7том. Восстание ангелов. Маленький Пьер. Жизнь в цвету. Новеллы. Рабле
Шрифт:

Я силился блистать перед ней до тех пор, пока не заметил, что она и не думает восхищаться мною, а, напротив, считает меня глупым, бестолковым, непонятливым мальчишкой, некрасивым и слабым. Но каким же образом мне стали известны чувства, столь не похожие на те, какие я в ней предполагал? Ах, боже мой, да очень просто — она сама высказала мне их. Жюстина отличалась суровой откровенностью. Она сумела дать мне понять, — и я вынужден был примириться с этим, — что она отнюдь не восхищается мною. В похвалу себе я должен сказать, что это ничуть меня не рассердило и я вовсе не стал меньше любить Жюстину. Я усердно искал объяснения такой странной характеристики, и мне удалось его обнаружить, ибо, что бы там ни думала обо мне Дочь троглодитов, я все-таки не был глуп. Сейчас я расскажу, в чем тут было дело на мой взгляд. Прежде всего Жюстина видела, что я худ, тщедушен, бледен и далеко не так красив и не так крепок, как ее брат Сенфорьен, который был на год моложе меня, но более развит физически. Она же полагала, что ум мальчика заключается в его силе, крепости, ловкости и смелости. И я не собираюсь с ней спорить. Далее, — и это может с первого взгляда показаться удивительным со стороны девушки, не знающей даже грамоты, — Жюстина считала меня невеждой. Я отлично видел, хоть она мне ничего не говорила, что ее удивляет, как это я в мои годы не имею понятия о нравах животных и о таких явлениях природы, которые были уже давно известны ее брату Сенфорьену. Мое неведение в некоторых вопросах казалось ей смешным, потому что, будучи невинной девушкой, она

вовсе не была наивной и не слишком почитала наивность. И, наконец, несмотря на то, что ей случалось иногда «надрывать животики со смеху», употребляя ее собственное выражение, она считала, что только дурачок может смеяться без причины, как это делал я. По ее мнению, это доказывало, что я плохо знаю жизнь, которая далеко не смешна, и что у меня «сердце как камень». Вот те доводы, на основании которых Жюстина сделала свое заключение, начисто отказав мне в уме. И право же, они не так уж несостоятельны, хотя, в общем, я был мальчиком, способным многое понять. Однако некоторые мои поступки действительно могли озадачить кого угодно.

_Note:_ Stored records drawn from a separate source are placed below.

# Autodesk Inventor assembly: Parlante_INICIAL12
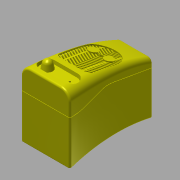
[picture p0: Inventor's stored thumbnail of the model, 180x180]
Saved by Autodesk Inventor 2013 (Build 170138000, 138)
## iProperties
Created: 2013-03
Part Number: Parlante_INICIAL12
Document SubType Name: Assembly
Designer: julian.chica
Author: julian.chica
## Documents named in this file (4)
- C:\Autodesk Learning\MULTICUERPO\2011 Medical Devices\Parlante_INICIAL12.iam
- C:\Autodesk Learning\MULTICUERPO\2011 Medical Devices\frontal.ipt
- C:\Autodesk Learning\MULTICUERPO\2011 Medical Devices\trasero.ipt
- C:\Autodesk Learning\MULTICUERPO\2011 Medical Devices\Perilla.ipt
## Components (3 placed, 3 different names)
1. frontal:1
2. trasero:1
3. Perilla:1
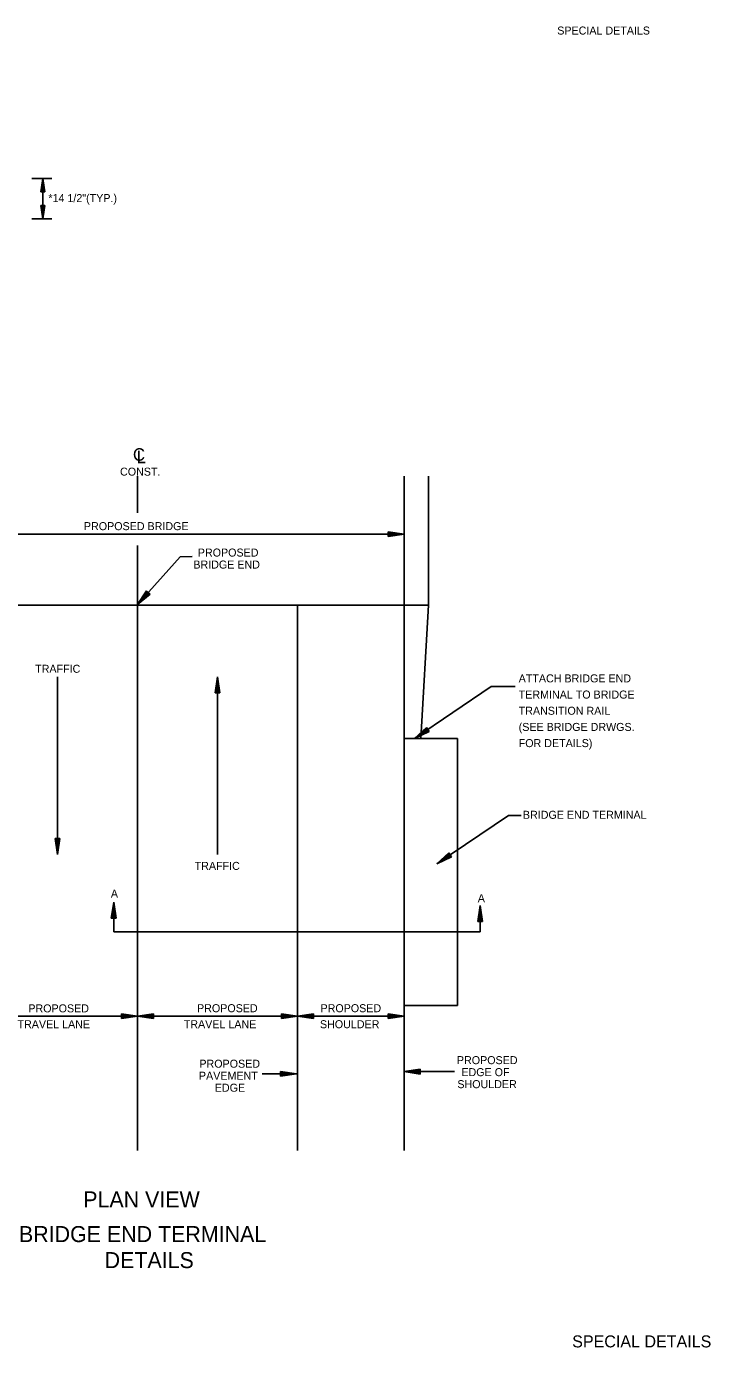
# Model space of a CAD drawing. Extents: x 1373918 to 1374069, y 381000 to 381245.
# Drawn here: x 1374017.6 to 1374068.9, y 381000 to 381099 of the extents above; entities that cross this region are included whole.
import ezdxf

# ---------------------------------------------------------------- set-up
doc = ezdxf.new("R2010")
doc.units = 0
for name, color, linetype in [('Default', 7, 'Continuous'), ('G-ANNO-TEXT', 7, 'Continuous'), ('R_Draft', 7, 'Continuous')]:
    doc.layers.add(name, color=color, linetype=linetype)

msp = doc.modelspace()

# ---------------------------------------------------------------- linework, layer by layer
at = {"layer": 'Default'}
for p, q in [((1374018.003, 381087.644), (1374019.497, 381087.644)), ((1374018.671, 381086.645), (1374018.821, 381087.645)), ((1374018.696, 381086.645), (1374018.821, 381087.48)), ((1374018.724, 381086.645), (1374018.821, 381087.307)), ((1374018.749, 381086.645), (1374018.821, 381087.14)), ((1374018.774, 381086.645), (1374018.821, 381086.97)), ((1374018.971, 381086.645), (1374018.821, 381087.645)), ((1374018.946, 381086.645), (1374018.821, 381087.48)), ((1374018.921, 381086.645), (1374018.821, 381087.307)), ((1374018.896, 381086.645), (1374018.821, 381087.14)), ((1374018.871, 381086.645), (1374018.821, 381086.97)), ((1374018.822, 381087.644), (1374018.822, 381084.623)), ((1374018.671, 381086.645), (1374018.971, 381086.645)), ((1374018.799, 381086.645), (1374018.821, 381086.805)), ((1374018.846, 381086.645), (1374018.821, 381086.805)), ((1374018.671, 381085.622), (1374018.821, 381084.622)), ((1374018.971, 381085.622), (1374018.671, 381085.622)), ((1374018.696, 381085.622), (1374018.821, 381084.79)), ((1374018.724, 381085.622), (1374018.821, 381084.962)), ((1374018.749, 381085.622), (1374018.821, 381085.127)), ((1374018.774, 381085.622), (1374018.821, 381085.297)), ((1374018.799, 381085.622), (1374018.821, 381085.465)), ((1374018.971, 381085.622), (1374018.821, 381084.622)), ((1374018.871, 381085.622), (1374018.821, 381085.297)), ((1374018.921, 381085.622), (1374018.821, 381084.962)), ((1374018.946, 381085.622), (1374018.821, 381084.79)), ((1374018.896, 381085.622), (1374018.821, 381085.127)), ((1374018.846, 381085.622), (1374018.821, 381085.465)), ((1374018.003, 381084.622), (1374019.497, 381084.622)), ((1374025.924, 381065.347), (1374025.924, 381062.586)), ((1374045.924, 381065.347), (1374045.924, 381055.667)), ((1374047.757, 381065.347), (1374047.757, 381055.667)), ((1374013.007, 381060.99), (1374045.924, 381060.99)), ((1374044.724, 381061.17), (1374045.924, 381060.99)), ((1374044.724, 381061.17), (1374044.724, 381060.81)), ((1374044.724, 381061.14), (1374045.724, 381060.99)), ((1374044.724, 381061.109), (1374045.517, 381060.99)), ((1374044.724, 381061.079), (1374045.317, 381060.99)), ((1374044.724, 381061.048), (1374045.114, 381060.99)), ((1374044.724, 381061.018), (1374044.914, 381060.99)), ((1374044.724, 381060.81), (1374045.924, 381060.99)), ((1374044.724, 381060.931), (1374045.114, 381060.99)), ((1374044.724, 381060.871), (1374045.517, 381060.99)), ((1374044.724, 381060.84), (1374045.724, 381060.99)), ((1374044.724, 381060.901), (1374045.317, 381060.99)), ((1374044.724, 381060.962), (1374044.914, 381060.99)), ((1374025.924, 381060.131), (1374025.924, 381014.792)), ((1374025.936, 381055.724), (1374029.124, 381059.302)), ((1374029.124, 381059.302), (1374030.028, 381059.304)), ((1374026.6, 381056.74), (1374025.936, 381055.724)), ((1374026.869, 381056.5), (1374025.936, 381055.724)), ((1374026.622, 381056.72), (1374026.069, 381055.874)), ((1374026.846, 381056.52), (1374026.069, 381055.874)), ((1374026.645, 381056.699), (1374026.207, 381056.028)), ((1374026.823, 381056.541), (1374026.207, 381056.028)), ((1374026.668, 381056.679), (1374026.34, 381056.177)), ((1374026.801, 381056.56), (1374026.34, 381056.177)), ((1374026.69, 381056.659), (1374026.475, 381056.329)), ((1374026.778, 381056.581), (1374026.475, 381056.329)), ((1374026.869, 381056.5), (1374026.6, 381056.74)), ((1374026.713, 381056.639), (1374026.608, 381056.478)), ((1374026.755, 381056.601), (1374026.608, 381056.478)), ((1374013.338, 381055.667), (1374047.757, 381055.667)), ((1374037.924, 381055.667), (1374037.924, 381014.792)), ((1374045.924, 381055.667), (1374045.924, 381045.667)), ((1374047.174, 381045.667), (1374047.757, 381055.667)), ((1374019.924, 381050.285), (1374019.924, 381036.974)), ((1374031.744, 381049.085), (1374031.924, 381050.285)), ((1374031.774, 381049.085), (1374031.924, 381050.085)), ((1374031.805, 381049.085), (1374031.924, 381049.878)), ((1374031.835, 381049.085), (1374031.924, 381049.678)), ((1374031.866, 381049.085), (1374031.924, 381049.475)), ((1374031.924, 381050.285), (1374031.924, 381036.974)), ((1374032.104, 381049.085), (1374031.924, 381050.285)), ((1374032.074, 381049.085), (1374031.924, 381050.085)), ((1374032.043, 381049.085), (1374031.924, 381049.878)), ((1374032.013, 381049.085), (1374031.924, 381049.678)), ((1374031.983, 381049.085), (1374031.924, 381049.475)), ((1374046.706, 381045.679), (1374052.457, 381049.578)), ((1374052.457, 381049.578), (1374054.266, 381049.578)), ((1374031.744, 381049.085), (1374032.104, 381049.085)), ((1374031.896, 381049.085), (1374031.924, 381049.275)), ((1374031.952, 381049.085), (1374031.924, 381049.275)), ((1374047.598, 381046.501), (1374046.706, 381045.679)), ((1374047.615, 381046.477), (1374046.872, 381045.791)), ((1374047.632, 381046.451), (1374047.043, 381045.907)), ((1374047.649, 381046.426), (1374047.208, 381046.019)), ((1374047.666, 381046.401), (1374047.376, 381046.134)), ((1374047.683, 381046.376), (1374047.542, 381046.246)), ((1374047.8, 381046.203), (1374047.598, 381046.501)), ((1374045.921, 381045.667), (1374045.921, 381025.667)), ((1374045.924, 381045.884), (1374045.924, 381014.792)), ((1374045.924, 381045.667), (1374049.928, 381045.667)), ((1374047.8, 381046.203), (1374046.706, 381045.679)), ((1374047.783, 381046.228), (1374046.872, 381045.791)), ((1374047.766, 381046.254), (1374047.043, 381045.907)), ((1374047.749, 381046.278), (1374047.208, 381046.019)), ((1374047.732, 381046.304), (1374047.376, 381046.134)), ((1374047.715, 381046.329), (1374047.542, 381046.246)), ((1374049.928, 381045.667), (1374049.928, 381025.667)), ((1374048.389, 381036.283), (1374053.75, 381039.902)), ((1374053.75, 381039.902), (1374054.696, 381039.909)), ((1374019.744, 381038.174), (1374019.924, 381036.974)), ((1374020.104, 381038.174), (1374019.744, 381038.174)), ((1374019.774, 381038.174), (1374019.924, 381037.174)), ((1374019.805, 381038.174), (1374019.924, 381037.381)), ((1374019.835, 381038.174), (1374019.924, 381037.581)), ((1374019.865, 381038.174), (1374019.924, 381037.784)), ((1374019.896, 381038.174), (1374019.924, 381037.984)), ((1374020.104, 381038.174), (1374019.924, 381036.974)), ((1374019.982, 381038.174), (1374019.924, 381037.784)), ((1374020.043, 381038.174), (1374019.924, 381037.381)), ((1374020.074, 381038.174), (1374019.924, 381037.174)), ((1374020.013, 381038.174), (1374019.924, 381037.581)), ((1374019.952, 381038.174), (1374019.924, 381037.984)), ((1374049.283, 381037.104), (1374048.389, 381036.283)), ((1374049.484, 381036.805), (1374048.389, 381036.283)), ((1374049.3, 381037.079), (1374048.555, 381036.395)), ((1374049.468, 381036.83), (1374048.555, 381036.395)), ((1374049.317, 381037.053), (1374048.726, 381036.511)), ((1374049.45, 381036.855), (1374048.726, 381036.511)), ((1374049.334, 381037.029), (1374048.892, 381036.622)), ((1374049.434, 381036.88), (1374048.892, 381036.622)), ((1374049.351, 381037.003), (1374049.06, 381036.736)), ((1374049.416, 381036.906), (1374049.06, 381036.736)), ((1374049.368, 381036.978), (1374049.226, 381036.848)), ((1374049.399, 381036.931), (1374049.226, 381036.848)), ((1374049.484, 381036.805), (1374049.283, 381037.104)), ((1374023.965, 381032.205), (1374024.145, 381033.405)), ((1374023.995, 381032.205), (1374024.145, 381033.205)), ((1374024.026, 381032.205), (1374024.145, 381032.998)), ((1374024.056, 381032.205), (1374024.145, 381032.798)), ((1374024.087, 381032.205), (1374024.145, 381032.595)), ((1374024.145, 381031.179), (1374024.145, 381033.405)), ((1374024.325, 381032.205), (1374024.145, 381033.405)), ((1374024.295, 381032.205), (1374024.145, 381033.205)), ((1374024.264, 381032.205), (1374024.145, 381032.998)), ((1374024.234, 381032.205), (1374024.145, 381032.798)), ((1374024.204, 381032.205), (1374024.145, 381032.595)), ((1374051.45, 381031.951), (1374051.63, 381033.151)), ((1374051.48, 381031.951), (1374051.63, 381032.951)), ((1374051.511, 381031.951), (1374051.63, 381032.744)), ((1374051.541, 381031.951), (1374051.63, 381032.544)), ((1374051.63, 381031.179), (1374051.63, 381033.151)), ((1374051.81, 381031.951), (1374051.63, 381033.151)), ((1374051.78, 381031.951), (1374051.63, 381032.951)), ((1374051.749, 381031.951), (1374051.63, 381032.744)), ((1374051.719, 381031.951), (1374051.63, 381032.544)), ((1374023.965, 381032.205), (1374024.325, 381032.205)), ((1374024.117, 381032.205), (1374024.145, 381032.395)), ((1374024.173, 381032.205), (1374024.145, 381032.395)), ((1374051.45, 381031.951), (1374051.81, 381031.951)), ((1374051.572, 381031.951), (1374051.63, 381032.341)), ((1374051.602, 381031.951), (1374051.63, 381032.141)), ((1374051.689, 381031.951), (1374051.63, 381032.341)), ((1374051.658, 381031.951), (1374051.63, 381032.141)), ((1374024.145, 381031.179), (1374051.63, 381031.179)), ((1374045.924, 381025.667), (1374049.928, 381025.667)), ((1374015.061, 381024.856), (1374025.924, 381024.856)), ((1374024.724, 381025.036), (1374025.924, 381024.856)), ((1374024.724, 381025.036), (1374024.724, 381024.676)), ((1374024.724, 381025.006), (1374025.724, 381024.856)), ((1374024.724, 381024.975), (1374025.517, 381024.856)), ((1374024.724, 381024.945), (1374025.317, 381024.856)), ((1374024.724, 381024.914), (1374025.114, 381024.856)), ((1374024.724, 381024.884), (1374024.914, 381024.856)), ((1374024.724, 381024.676), (1374025.924, 381024.856)), ((1374024.724, 381024.797), (1374025.114, 381024.856)), ((1374024.724, 381024.737), (1374025.517, 381024.856)), ((1374024.724, 381024.706), (1374025.724, 381024.856)), ((1374024.724, 381024.767), (1374025.317, 381024.856)), ((1374024.724, 381024.828), (1374024.914, 381024.856)), ((1374027.124, 381025.036), (1374025.924, 381024.856)), ((1374027.124, 381024.676), (1374025.924, 381024.856)), ((1374025.924, 381024.856), (1374037.924, 381024.856)), ((1374027.124, 381025.006), (1374026.124, 381024.856)), ((1374027.124, 381024.706), (1374026.124, 381024.856)), ((1374027.124, 381024.975), (1374026.331, 381024.856)), ((1374027.124, 381024.737), (1374026.331, 381024.856)), ((1374027.124, 381024.945), (1374026.531, 381024.856)), ((1374027.124, 381024.767), (1374026.531, 381024.856)), ((1374027.124, 381024.915), (1374026.734, 381024.856)), ((1374027.124, 381024.798), (1374026.734, 381024.856)), ((1374027.124, 381024.884), (1374026.934, 381024.856)), ((1374027.124, 381024.828), (1374026.934, 381024.856)), ((1374027.124, 381024.676), (1374027.124, 381025.036)), ((1374036.724, 381025.036), (1374037.924, 381024.856)), ((1374036.724, 381025.036), (1374036.724, 381024.676)), ((1374036.724, 381025.006), (1374037.724, 381024.856)), ((1374036.724, 381024.975), (1374037.517, 381024.856)), ((1374036.724, 381024.945), (1374037.317, 381024.856)), ((1374036.724, 381024.914), (1374037.114, 381024.856)), ((1374036.724, 381024.884), (1374036.914, 381024.856)), ((1374036.724, 381024.676), (1374037.924, 381024.856)), ((1374036.724, 381024.797), (1374037.114, 381024.856)), ((1374036.724, 381024.737), (1374037.517, 381024.856)), ((1374036.724, 381024.706), (1374037.724, 381024.856)), ((1374036.724, 381024.767), (1374037.317, 381024.856)), ((1374036.724, 381024.828), (1374036.914, 381024.856)), ((1374039.124, 381025.036), (1374037.924, 381024.856)), ((1374037.924, 381024.856), (1374045.924, 381024.856)), ((1374039.124, 381024.676), (1374037.924, 381024.856)), ((1374039.124, 381025.006), (1374038.124, 381024.856)), ((1374039.124, 381024.706), (1374038.124, 381024.856)), ((1374039.124, 381024.975), (1374038.331, 381024.856)), ((1374039.124, 381024.737), (1374038.331, 381024.856)), ((1374039.124, 381024.945), (1374038.531, 381024.856)), ((1374039.124, 381024.767), (1374038.531, 381024.856)), ((1374039.124, 381024.915), (1374038.734, 381024.856)), ((1374039.124, 381024.798), (1374038.734, 381024.856)), ((1374039.124, 381024.884), (1374038.934, 381024.856)), ((1374039.124, 381024.828), (1374038.934, 381024.856)), ((1374039.124, 381024.676), (1374039.124, 381025.036)), ((1374044.724, 381025.036), (1374045.924, 381024.856)), ((1374044.724, 381025.036), (1374044.724, 381024.676)), ((1374044.724, 381025.006), (1374045.724, 381024.856)), ((1374044.724, 381024.975), (1374045.517, 381024.856)), ((1374044.724, 381024.945), (1374045.317, 381024.856)), ((1374044.724, 381024.914), (1374045.114, 381024.856)), ((1374044.724, 381024.884), (1374044.914, 381024.856)), ((1374044.724, 381024.676), (1374045.924, 381024.856)), ((1374044.724, 381024.797), (1374045.114, 381024.856)), ((1374044.724, 381024.737), (1374045.517, 381024.856)), ((1374044.724, 381024.706), (1374045.724, 381024.856)), ((1374044.724, 381024.767), (1374045.317, 381024.856)), ((1374044.724, 381024.828), (1374044.914, 381024.856)), ((1374036.653, 381020.724), (1374037.853, 381020.544)), ((1374036.653, 381020.724), (1374036.653, 381020.364)), ((1374036.653, 381020.694), (1374037.653, 381020.544)), ((1374036.653, 381020.663), (1374037.446, 381020.544)), ((1374036.653, 381020.633), (1374037.246, 381020.544)), ((1374047.124, 381020.883), (1374045.924, 381020.703)), ((1374049.71, 381020.703), (1374045.924, 381020.703)), ((1374047.124, 381020.523), (1374045.924, 381020.703)), ((1374047.124, 381020.853), (1374046.124, 381020.703)), ((1374047.124, 381020.553), (1374046.124, 381020.703)), ((1374047.124, 381020.822), (1374046.331, 381020.703)), ((1374047.124, 381020.584), (1374046.331, 381020.703)), ((1374047.124, 381020.792), (1374046.531, 381020.703)), ((1374047.124, 381020.614), (1374046.531, 381020.703)), ((1374047.124, 381020.762), (1374046.734, 381020.703)), ((1374047.124, 381020.645), (1374046.734, 381020.703)), ((1374047.124, 381020.731), (1374046.934, 381020.703)), ((1374047.124, 381020.675), (1374046.934, 381020.703)), ((1374047.124, 381020.523), (1374047.124, 381020.883)), ((1374035.268, 381020.544), (1374037.853, 381020.544)), ((1374036.653, 381020.602), (1374037.043, 381020.544)), ((1374036.653, 381020.572), (1374036.843, 381020.544)), ((1374036.653, 381020.364), (1374037.853, 381020.544)), ((1374036.653, 381020.485), (1374037.043, 381020.544)), ((1374036.653, 381020.425), (1374037.446, 381020.544)), ((1374036.653, 381020.394), (1374037.653, 381020.544)), ((1374036.653, 381020.455), (1374037.246, 381020.544)), ((1374036.653, 381020.516), (1374036.843, 381020.544))]:
    msp.add_line(p, q, dxfattribs=at)

# ---------------------------------------------------------------- texts
for s, height, p in [('*14 1/2"(TYP.)', 0.6, (1374019.246, 381085.88)), ('CONST.', 0.6, (1374024.621, 381065.376)), ('PROPOSED BRIDGE', 0.6, (1374021.911, 381061.29)), ('PROPOSED', 0.6, (1374030.454, 381059.31)), ('BRIDGE END', 0.6, (1374030.118, 381058.41)), ('TRAFFIC', 0.6, (1374018.253, 381050.599)), ('ATTACH BRIDGE END', 0.6, (1374054.519, 381049.879)), ('TERMINAL TO BRIDGE', 0.6, (1374054.519, 381048.666)), ('TRANSITION RAIL', 0.6, (1374054.519, 381047.453)), ('(SEE BRIDGE DRWGS.', 0.6, (1374054.519, 381046.24)), ('FOR DETAILS)', 0.6, (1374054.519, 381045.027)), ('BRIDGE END TERMINAL', 0.6, (1374054.835, 381039.653)), ('TRAFFIC', 0.6, (1374030.217, 381035.823)), ('A', 0.6, (1374023.932, 381033.742)), ('A', 0.6, (1374051.45, 381033.403)), ('PROPOSED', 0.6, (1374017.743, 381025.144)), ('PROPOSED', 0.6, (1374030.395, 381025.156)), ('PROPOSED', 0.6, (1374039.655, 381025.156)), ('TRAVEL LANE', 0.6, (1374016.931, 381023.956)), ('TRAVEL LANE', 0.6, (1374029.4, 381023.956)), ('SHOULDER', 0.6, (1374039.613, 381023.956)), ('PROPOSED', 0.6, (1374049.885, 381021.263)), ('PAVEMENT', 0.6, (1374030.537, 381020.096)), ('PROPOSED', 0.6, (1374030.571, 381020.996)), ('EDGE OF', 0.6, (1374050.22, 381020.363)), ('EDGE', 0.6, (1374031.726, 381019.196)), ('SHOULDER', 0.6, (1374049.918, 381019.463)), ('PLAN VIEW', 1.2, (1374021.859, 381010.525)), ('BRIDGE END TERMINAL', 1.2, (1374017.04, 381007.926)), ('DETAILS', 1.2, (1374023.465, 381005.976))]:
    msp.add_text(s, height=height, dxfattribs=at).set_placement(p)
at = {"layer": 'G-ANNO-TEXT'}
for height, p in [(0.6, (1374057.41, 381098.439)), (0.9, (1374058.531, 381000.031))]:
    msp.add_text('SPECIAL DETAILS', height=height, dxfattribs=at).set_placement(p)
at = {"layer": 'R_Draft'}
for s, p in [('C', (1374025.587, 381066.493)), ('L', (1374025.87, 381066.31))]:
    msp.add_text(s, height=0.938, dxfattribs=at).set_placement(p)

doc.saveas('drawing.dxf')

Я мог бы привести немало тому примеров. Вот один, который, если не ошибаюсь, восходит к первым дням пребывания Жюстины в нашем доме.

В гостиной с розовыми бутонами стояли на этажерке маленькие иллюстрированные книжечки в зеленых переплетах, которые моя дорогая матушка иногда давала мне читать. Это был «Друг детей». Рассказы Беркена [260] переносили меня в старую Францию и знакомили с нравами и обычаями, совсем не похожими на наши. Так, например, там была повесть о десятилетнем дворянине, который носил шпагу и слишком часто обнажал ее, поссорившись с деревенскими мальчишками. Но однажды вместо шпаги он вынул из ножен павлинье перо, которое вложил туда его мудрый наставник. Вообразите его смущение и неловкость. Урок пошел ему на пользу. Он перестал быть заносчивым и сердитым. Эти старые истории казались мне вечно новыми и трогали до слез. Помнится, как-то утром я прочитал рассказ о двух жандармах, умиливших меня своей самоотверженностью и добрыми делами. Они принесли какое-то радостное известие, не помню какое именно, в семью бедных крестьян, и те предложили им поужинать с ними. Так как в лачуге не было тарелок, добрые жандармы ели мясо прямо на ломтях хлеба. Этот поступок показался мне таким благородным, что за завтраком я решил последовать их примеру. И, несмотря на справедливые возражения матушки, я упорно ел баранье рагу на куске хлеба. Я весь перемазался в соусе, матушка побранила меня, а Жюстина смотрела на меня с состраданием.

260

Беркен Арно (1747–1791) — французский писатель, автор сборников нравоучительных и слащавых рассказов для детей — «Друг детей».

Этот случай незначителен. Он напоминает мне другой случай, в таком же роде и не более значительный, который, однако, я приведу здесь, ибо в моем повествовании мне важна не пышность, а правда.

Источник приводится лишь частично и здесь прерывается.